Data for this exercise START

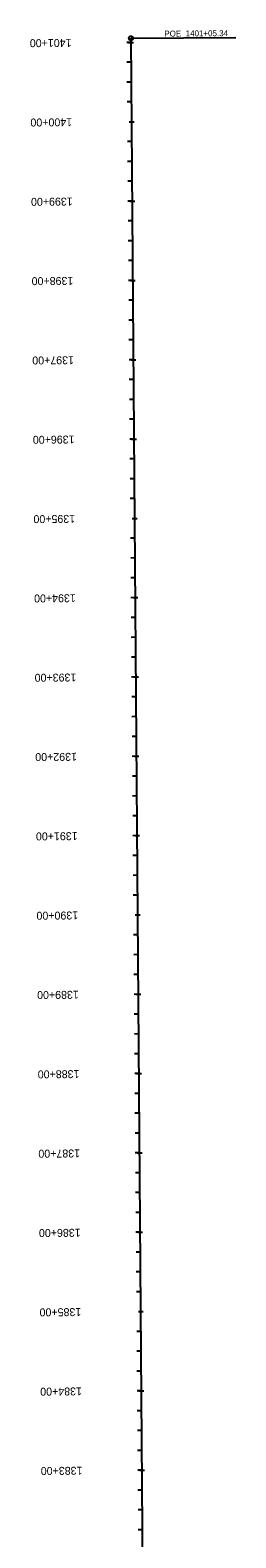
# Model space of a CAD drawing. Extents: x 19548215 to 19548727, y 7547983 to 7562114.
# Drawn here: x 19548234 to 19548493, y 7560213 to 7562114 of the extents above; entities that cross this region are included whole.
import ezdxf

# ---------------------------------------------------------------- set-up
doc = ezdxf.new("R2010")
doc.units = 0
for name, color, linetype in [('Contours Major', 7, 'Continuous'), ('Contours Minor', 7, 'Continuous'), ('TextAlignment', 7, 'Continuous'), ('TextAlignmentSml', 7, 'Continuous')]:
    doc.layers.add(name, color=color, linetype=linetype)

msp = doc.modelspace()

# ---------------------------------------------------------------- linework, layer by layer
at = {"layer": 'Contours Major'}
for p, q in [((19548360.7, 7562098.6), (19548355.3, 7562098.5)), ((19548358.4, 7561998.5), (19548364.5, 7561998.6)), ((19548362.3, 7561898.6), (19548356.8, 7561898.5)), ((19548363, 7561798.6), (19548357.6, 7561798.5)), ((19548363.8, 7561698.6), (19548358.3, 7561698.5)), ((19548364.6, 7561598.6), (19548359.1, 7561598.5)), ((19548362.3, 7561498.5), (19548368.4, 7561498.6)), ((19548366.1, 7561398.6), (19548360.6, 7561398.5)), ((19548366.9, 7561298.6), (19548361.4, 7561298.5)), ((19548367.6, 7561198.6), (19548362.2, 7561198.5)), ((19548368.4, 7561098.6), (19548363, 7561098.5)), ((19548366.1, 7560998.6), (19548372.2, 7560998.6)), ((19548370, 7560898.6), (19548364.5, 7560898.5)), ((19548370.7, 7560798.6), (19548365.3, 7560798.6)), ((19548371.5, 7560698.6), (19548366, 7560698.6)), ((19548372.3, 7560598.6), (19548366.8, 7560598.6)), ((19548370, 7560498.6), (19548376.1, 7560498.6)), ((19548373.8, 7560398.6), (19548368.3, 7560398.6)), ((19548374.6, 7560298.6), (19548369.1, 7560298.6))]:
    msp.add_line(p, q, dxfattribs=at)
at = {"layer": 'Contours Minor'}
msp.add_line((19548386.5, 7558748.2), (19548360.7, 7562103.9), dxfattribs=at)
at = {"layer": 'TextAlignment'}
for p in [(19548360.7, 7562103.9), (19548492.7, 7562104.9)]:
    msp.add_line(p, (19548492.7, 7562104.9), dxfattribs=at)
msp.add_circle((19548360.7, 7562103.9), 2.67, dxfattribs=at)
at = {"layer": 'TextAlignmentSml'}
for p, q in [((19548357.7, 7562098.5), (19548363.8, 7562098.6)), ((19548360.9, 7562073.6), (19548355.4, 7562073.5)), ((19548361.1, 7562048.6), (19548355.6, 7562048.5)), ((19548361.3, 7562023.6), (19548355.8, 7562023.5)), ((19548358.4, 7561998.5), (19548364.5, 7561998.6)), ((19548361.7, 7561973.6), (19548356.2, 7561973.5)), ((19548361.9, 7561948.6), (19548356.4, 7561948.5)), ((19548362.1, 7561923.6), (19548356.6, 7561923.5)), ((19548359.2, 7561898.5), (19548365.3, 7561898.6)), ((19548362.4, 7561873.6), (19548357, 7561873.5)), ((19548362.6, 7561848.6), (19548357.2, 7561848.5)), ((19548362.8, 7561823.6), (19548357.4, 7561823.5)), ((19548360, 7561798.5), (19548366.1, 7561798.6)), ((19548363.2, 7561773.6), (19548357.8, 7561773.5)), ((19548363.4, 7561748.6), (19548358, 7561748.5)), ((19548363.6, 7561723.6), (19548358.1, 7561723.5)), ((19548360.7, 7561698.5), (19548366.9, 7561698.6)), ((19548364, 7561673.6), (19548358.5, 7561673.5)), ((19548364.2, 7561648.6), (19548358.7, 7561648.5)), ((19548364.4, 7561623.6), (19548358.9, 7561623.5)), ((19548361.5, 7561598.5), (19548367.6, 7561598.6)), ((19548364.8, 7561573.6), (19548359.3, 7561573.5)), ((19548365, 7561548.6), (19548359.5, 7561548.5)), ((19548365.1, 7561523.6), (19548359.7, 7561523.5)), ((19548362.3, 7561498.5), (19548368.4, 7561498.6)), ((19548365.5, 7561473.6), (19548360.1, 7561473.5)), ((19548365.7, 7561448.6), (19548360.3, 7561448.5)), ((19548365.9, 7561423.6), (19548360.5, 7561423.5)), ((19548363, 7561398.6), (19548369.2, 7561398.6)), ((19548366.3, 7561373.6), (19548360.8, 7561373.5)), ((19548366.5, 7561348.6), (19548361, 7561348.5)), ((19548366.7, 7561323.6), (19548361.2, 7561323.5)), ((19548363.8, 7561298.6), (19548369.9, 7561298.6)), ((19548367.1, 7561273.6), (19548361.6, 7561273.5)), ((19548367.3, 7561248.6), (19548361.8, 7561248.5)), ((19548367.5, 7561223.6), (19548362, 7561223.5)), ((19548364.6, 7561198.6), (19548370.7, 7561198.6)), ((19548367.8, 7561173.6), (19548362.4, 7561173.5)), ((19548368, 7561148.6), (19548362.6, 7561148.5)), ((19548368.2, 7561123.6), (19548362.8, 7561123.5)), ((19548365.4, 7561098.6), (19548371.5, 7561098.6)), ((19548368.6, 7561073.6), (19548363.1, 7561073.5)), ((19548368.8, 7561048.6), (19548363.3, 7561048.5)), ((19548369, 7561023.6), (19548363.5, 7561023.5)), ((19548366.1, 7560998.6), (19548372.2, 7560998.6)), ((19548369.4, 7560973.6), (19548363.9, 7560973.5)), ((19548369.6, 7560948.6), (19548364.1, 7560948.5)), ((19548369.8, 7560923.6), (19548364.3, 7560923.5)), ((19548366.9, 7560898.6), (19548373, 7560898.6)), ((19548370.1, 7560873.6), (19548364.7, 7560873.5)), ((19548370.3, 7560848.6), (19548364.9, 7560848.5)), ((19548370.5, 7560823.6), (19548365.1, 7560823.5)), ((19548367.7, 7560798.6), (19548373.8, 7560798.6)), ((19548370.9, 7560773.6), (19548365.5, 7560773.6)), ((19548371.1, 7560748.6), (19548365.6, 7560748.6)), ((19548371.3, 7560723.6), (19548365.8, 7560723.6)), ((19548368.4, 7560698.6), (19548374.6, 7560698.6)), ((19548371.7, 7560673.6), (19548366.2, 7560673.6)), ((19548371.9, 7560648.6), (19548366.4, 7560648.6)), ((19548372.1, 7560623.6), (19548366.6, 7560623.6)), ((19548369.2, 7560598.6), (19548375.3, 7560598.6)), ((19548372.5, 7560573.6), (19548367, 7560573.6)), ((19548372.6, 7560548.6), (19548367.2, 7560548.6)), ((19548372.8, 7560523.6), (19548367.4, 7560523.6)), ((19548370, 7560498.6), (19548376.1, 7560498.6)), ((19548373.2, 7560473.6), (19548367.8, 7560473.6)), ((19548373.4, 7560448.6), (19548368, 7560448.6)), ((19548373.6, 7560423.6), (19548368.2, 7560423.6)), ((19548370.7, 7560398.6), (19548376.9, 7560398.6)), ((19548374, 7560373.6), (19548368.5, 7560373.6)), ((19548374.2, 7560348.6), (19548368.7, 7560348.6)), ((19548374.4, 7560323.6), (19548368.9, 7560323.6)), ((19548371.5, 7560298.6), (19548377.6, 7560298.6)), ((19548374.8, 7560273.6), (19548369.3, 7560273.6)), ((19548375, 7560248.6), (19548369.5, 7560248.6)), ((19548375.1, 7560223.6), (19548369.7, 7560223.6))]:
    msp.add_line(p, q, dxfattribs=at)

# ---------------------------------------------------------------- texts
at = {"layer": 'Contours Major'}
for s, p in [('1400+00', (19548286.5, 7562003)), ('1395+00', (19548290.3, 7561503)), ('1390+00', (19548294.1, 7561003)), ('1385+00', (19548298, 7560503))]:
    msp.add_text(s, height=10.02, rotation=180.441, dxfattribs=at).set_placement(p)
at = {"layer": 'TextAlignment'}
for s, p in [('POE ', (19548402.7, 7562105.9)), ('1401+05.34', (19548429.6, 7562106.1))]:
    msp.add_text(s, height=7.5, rotation=0.441, dxfattribs=at).set_placement(p)
at = {"layer": 'TextAlignmentSml'}
for s, p in [('1401+00', (19548285.7, 7562103)), ('1400+00', (19548286.5, 7562003)), ('1399+00', (19548287.2, 7561903)), ('1398+00', (19548288, 7561803)), ('1397+00', (19548288.8, 7561703)), ('1396+00', (19548289.5, 7561603)), ('1395+00', (19548290.3, 7561503)), ('1394+00', (19548291.1, 7561403)), ('1393+00', (19548291.8, 7561303)), ('1392+00', (19548292.6, 7561203)), ('1391+00', (19548293.4, 7561103)), ('1390+00', (19548294.1, 7561003)), ('1389+00', (19548294.9, 7560903)), ('1388+00', (19548295.7, 7560803)), ('1387+00', (19548296.5, 7560703)), ('1386+00', (19548297.2, 7560603)), ('1385+00', (19548298, 7560503)), ('1384+00', (19548298.8, 7560403)), ('1383+00', (19548299.5, 7560303))]:
    msp.add_text(s, height=10.02, rotation=180.441, dxfattribs=at).set_placement(p)

doc.saveas('drawing.dxf')

Data for this exercise END

- **Aim of the exercise**
Within the entries above, report how many lines contain the word "name"; the figure is all that is wanted.

- **Reply to the exercise**
2